Segment Open

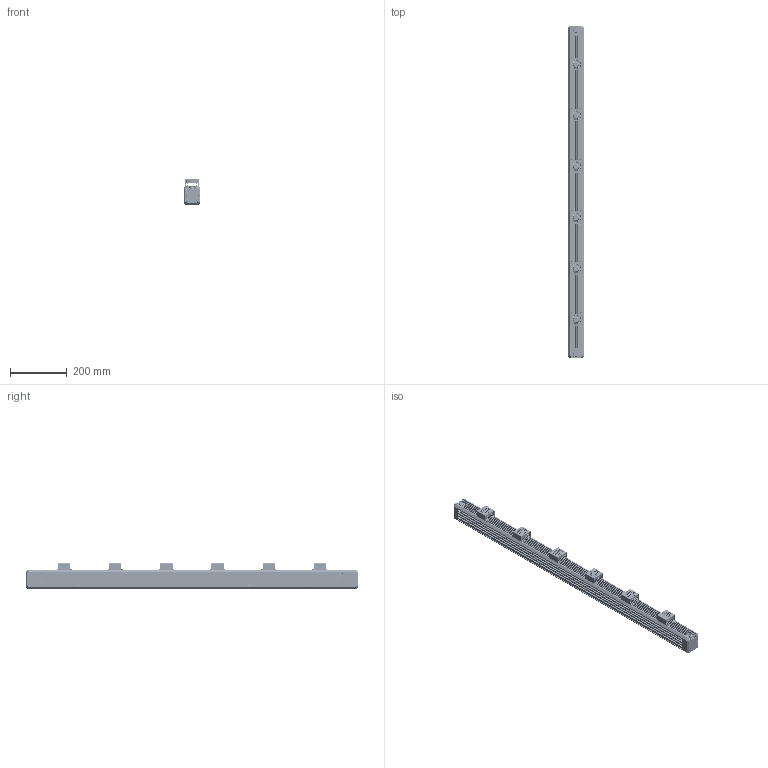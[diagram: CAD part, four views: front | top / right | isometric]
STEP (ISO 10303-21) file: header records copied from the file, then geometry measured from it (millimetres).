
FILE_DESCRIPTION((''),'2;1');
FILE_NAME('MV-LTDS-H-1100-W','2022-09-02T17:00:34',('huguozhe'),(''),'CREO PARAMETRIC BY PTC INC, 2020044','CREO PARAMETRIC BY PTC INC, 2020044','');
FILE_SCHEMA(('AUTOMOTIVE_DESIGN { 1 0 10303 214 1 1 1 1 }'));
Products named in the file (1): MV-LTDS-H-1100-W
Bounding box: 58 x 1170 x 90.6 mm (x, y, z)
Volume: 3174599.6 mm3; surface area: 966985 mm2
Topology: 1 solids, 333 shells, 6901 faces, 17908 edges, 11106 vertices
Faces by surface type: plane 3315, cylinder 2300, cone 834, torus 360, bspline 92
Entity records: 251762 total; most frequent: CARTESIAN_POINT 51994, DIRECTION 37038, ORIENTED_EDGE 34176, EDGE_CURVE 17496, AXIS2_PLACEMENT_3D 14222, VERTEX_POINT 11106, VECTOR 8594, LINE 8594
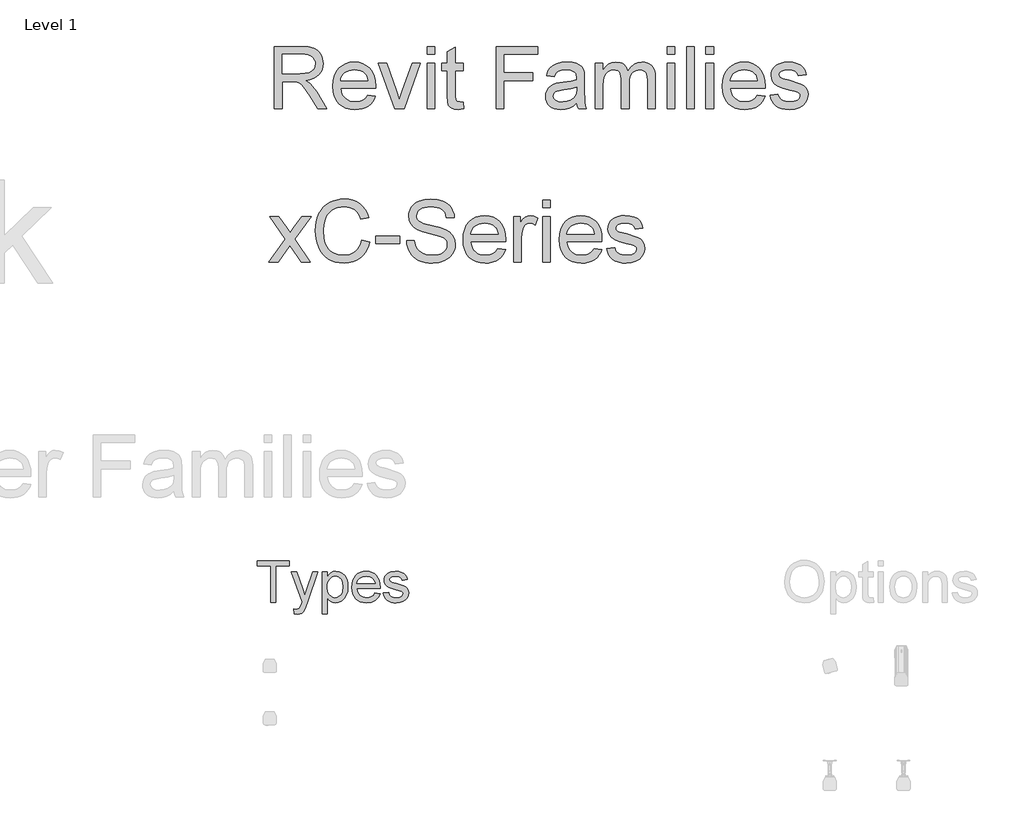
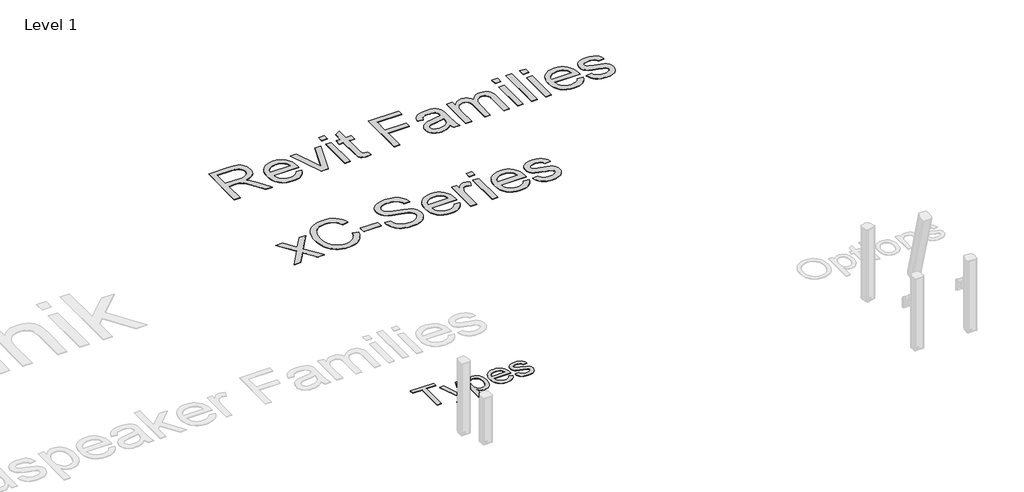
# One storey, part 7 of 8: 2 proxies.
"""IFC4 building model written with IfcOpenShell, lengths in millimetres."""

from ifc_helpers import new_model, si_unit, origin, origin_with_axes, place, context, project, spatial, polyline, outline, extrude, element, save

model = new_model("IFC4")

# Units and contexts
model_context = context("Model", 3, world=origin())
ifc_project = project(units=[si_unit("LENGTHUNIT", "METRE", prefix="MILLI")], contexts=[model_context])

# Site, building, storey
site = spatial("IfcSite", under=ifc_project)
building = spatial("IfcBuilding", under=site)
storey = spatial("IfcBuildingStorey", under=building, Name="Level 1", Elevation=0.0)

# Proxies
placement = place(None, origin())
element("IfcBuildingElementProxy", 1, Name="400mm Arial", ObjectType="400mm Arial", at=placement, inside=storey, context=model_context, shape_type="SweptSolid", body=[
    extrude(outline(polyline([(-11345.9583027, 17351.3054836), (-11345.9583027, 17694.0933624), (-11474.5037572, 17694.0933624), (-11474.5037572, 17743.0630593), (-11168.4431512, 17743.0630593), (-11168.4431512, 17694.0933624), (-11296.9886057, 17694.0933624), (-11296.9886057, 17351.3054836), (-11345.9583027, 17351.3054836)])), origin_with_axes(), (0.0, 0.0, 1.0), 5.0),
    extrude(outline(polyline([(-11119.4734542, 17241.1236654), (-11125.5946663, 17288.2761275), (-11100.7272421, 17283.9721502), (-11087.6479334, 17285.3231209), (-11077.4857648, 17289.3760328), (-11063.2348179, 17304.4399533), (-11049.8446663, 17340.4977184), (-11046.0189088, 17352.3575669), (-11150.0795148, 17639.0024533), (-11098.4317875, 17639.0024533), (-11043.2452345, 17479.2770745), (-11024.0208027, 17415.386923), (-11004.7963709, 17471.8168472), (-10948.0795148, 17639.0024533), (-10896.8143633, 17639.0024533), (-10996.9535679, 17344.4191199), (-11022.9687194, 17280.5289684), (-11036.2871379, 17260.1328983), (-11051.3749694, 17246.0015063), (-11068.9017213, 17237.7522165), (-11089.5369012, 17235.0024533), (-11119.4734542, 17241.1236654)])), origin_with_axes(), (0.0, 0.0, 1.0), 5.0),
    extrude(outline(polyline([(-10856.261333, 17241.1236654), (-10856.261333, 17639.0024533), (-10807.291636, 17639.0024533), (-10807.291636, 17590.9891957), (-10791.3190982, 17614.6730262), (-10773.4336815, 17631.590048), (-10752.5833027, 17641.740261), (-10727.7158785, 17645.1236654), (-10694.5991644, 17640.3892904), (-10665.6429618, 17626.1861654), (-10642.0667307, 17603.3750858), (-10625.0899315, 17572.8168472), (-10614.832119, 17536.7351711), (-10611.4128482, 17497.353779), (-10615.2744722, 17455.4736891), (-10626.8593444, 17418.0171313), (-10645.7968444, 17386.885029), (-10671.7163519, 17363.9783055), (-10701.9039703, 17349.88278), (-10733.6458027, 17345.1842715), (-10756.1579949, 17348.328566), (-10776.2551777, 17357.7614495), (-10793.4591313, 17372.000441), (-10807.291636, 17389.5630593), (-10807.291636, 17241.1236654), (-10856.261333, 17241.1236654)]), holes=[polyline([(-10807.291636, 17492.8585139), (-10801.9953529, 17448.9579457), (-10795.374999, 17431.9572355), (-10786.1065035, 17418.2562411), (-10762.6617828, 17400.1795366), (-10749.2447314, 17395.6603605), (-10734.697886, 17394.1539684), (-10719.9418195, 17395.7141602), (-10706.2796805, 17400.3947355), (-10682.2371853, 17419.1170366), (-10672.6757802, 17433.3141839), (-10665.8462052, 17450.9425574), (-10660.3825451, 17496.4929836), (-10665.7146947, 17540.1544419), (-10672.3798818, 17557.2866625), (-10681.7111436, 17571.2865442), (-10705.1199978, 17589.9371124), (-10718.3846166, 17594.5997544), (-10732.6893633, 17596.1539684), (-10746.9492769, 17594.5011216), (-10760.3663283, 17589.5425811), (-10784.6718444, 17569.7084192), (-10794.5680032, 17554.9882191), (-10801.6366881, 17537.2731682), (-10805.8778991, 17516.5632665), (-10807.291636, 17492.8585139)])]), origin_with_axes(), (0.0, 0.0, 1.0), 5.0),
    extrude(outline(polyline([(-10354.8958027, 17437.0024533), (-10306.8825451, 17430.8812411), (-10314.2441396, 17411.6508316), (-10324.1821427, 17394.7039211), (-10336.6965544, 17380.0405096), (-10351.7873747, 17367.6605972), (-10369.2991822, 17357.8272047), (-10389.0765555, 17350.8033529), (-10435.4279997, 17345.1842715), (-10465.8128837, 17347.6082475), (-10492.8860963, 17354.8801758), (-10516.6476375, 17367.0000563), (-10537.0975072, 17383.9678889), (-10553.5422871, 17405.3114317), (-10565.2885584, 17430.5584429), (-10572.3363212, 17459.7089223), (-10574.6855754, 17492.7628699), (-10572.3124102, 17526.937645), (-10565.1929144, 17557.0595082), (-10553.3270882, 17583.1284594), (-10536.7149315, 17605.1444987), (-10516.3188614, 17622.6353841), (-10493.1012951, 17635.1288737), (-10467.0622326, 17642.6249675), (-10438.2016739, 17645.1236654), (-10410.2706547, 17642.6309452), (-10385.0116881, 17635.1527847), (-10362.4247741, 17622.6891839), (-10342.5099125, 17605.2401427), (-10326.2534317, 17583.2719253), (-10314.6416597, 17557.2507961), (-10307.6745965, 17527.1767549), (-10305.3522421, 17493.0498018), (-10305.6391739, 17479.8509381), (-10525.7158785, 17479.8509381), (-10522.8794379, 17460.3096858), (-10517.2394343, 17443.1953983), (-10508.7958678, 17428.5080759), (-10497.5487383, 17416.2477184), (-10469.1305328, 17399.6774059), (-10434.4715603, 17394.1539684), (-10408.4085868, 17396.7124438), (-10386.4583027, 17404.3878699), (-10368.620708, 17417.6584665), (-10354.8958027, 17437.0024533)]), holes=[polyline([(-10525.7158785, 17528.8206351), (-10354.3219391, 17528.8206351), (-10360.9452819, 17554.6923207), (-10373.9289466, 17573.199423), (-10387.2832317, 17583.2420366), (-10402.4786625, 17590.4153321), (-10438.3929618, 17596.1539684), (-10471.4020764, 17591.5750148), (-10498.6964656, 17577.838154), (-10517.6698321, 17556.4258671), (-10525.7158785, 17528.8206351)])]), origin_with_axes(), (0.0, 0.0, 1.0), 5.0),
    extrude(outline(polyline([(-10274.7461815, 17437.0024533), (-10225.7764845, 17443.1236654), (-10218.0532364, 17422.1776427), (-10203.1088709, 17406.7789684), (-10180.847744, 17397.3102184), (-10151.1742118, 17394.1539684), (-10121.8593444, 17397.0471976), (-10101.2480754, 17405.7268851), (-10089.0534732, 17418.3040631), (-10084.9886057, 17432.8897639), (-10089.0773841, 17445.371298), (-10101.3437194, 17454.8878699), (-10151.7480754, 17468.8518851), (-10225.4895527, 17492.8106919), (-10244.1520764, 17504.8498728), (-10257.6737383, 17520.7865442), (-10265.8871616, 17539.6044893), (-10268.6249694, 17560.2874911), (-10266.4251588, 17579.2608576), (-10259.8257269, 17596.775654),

Segment Closed

Task for the records above: copy every line in which the word "spatial" occurs.

**Task result**.
from ifc_helpers import new_model, si_unit, origin, origin_with_axes, place, context, project, spatial, polyline, outline, extrude, element, save
site = spatial("IfcSite", under=ifc_project)
building = spatial("IfcBuilding", under=site)
storey = spatial("IfcBuildingStorey", under=building, Name="Level 1", Elevation=0.0)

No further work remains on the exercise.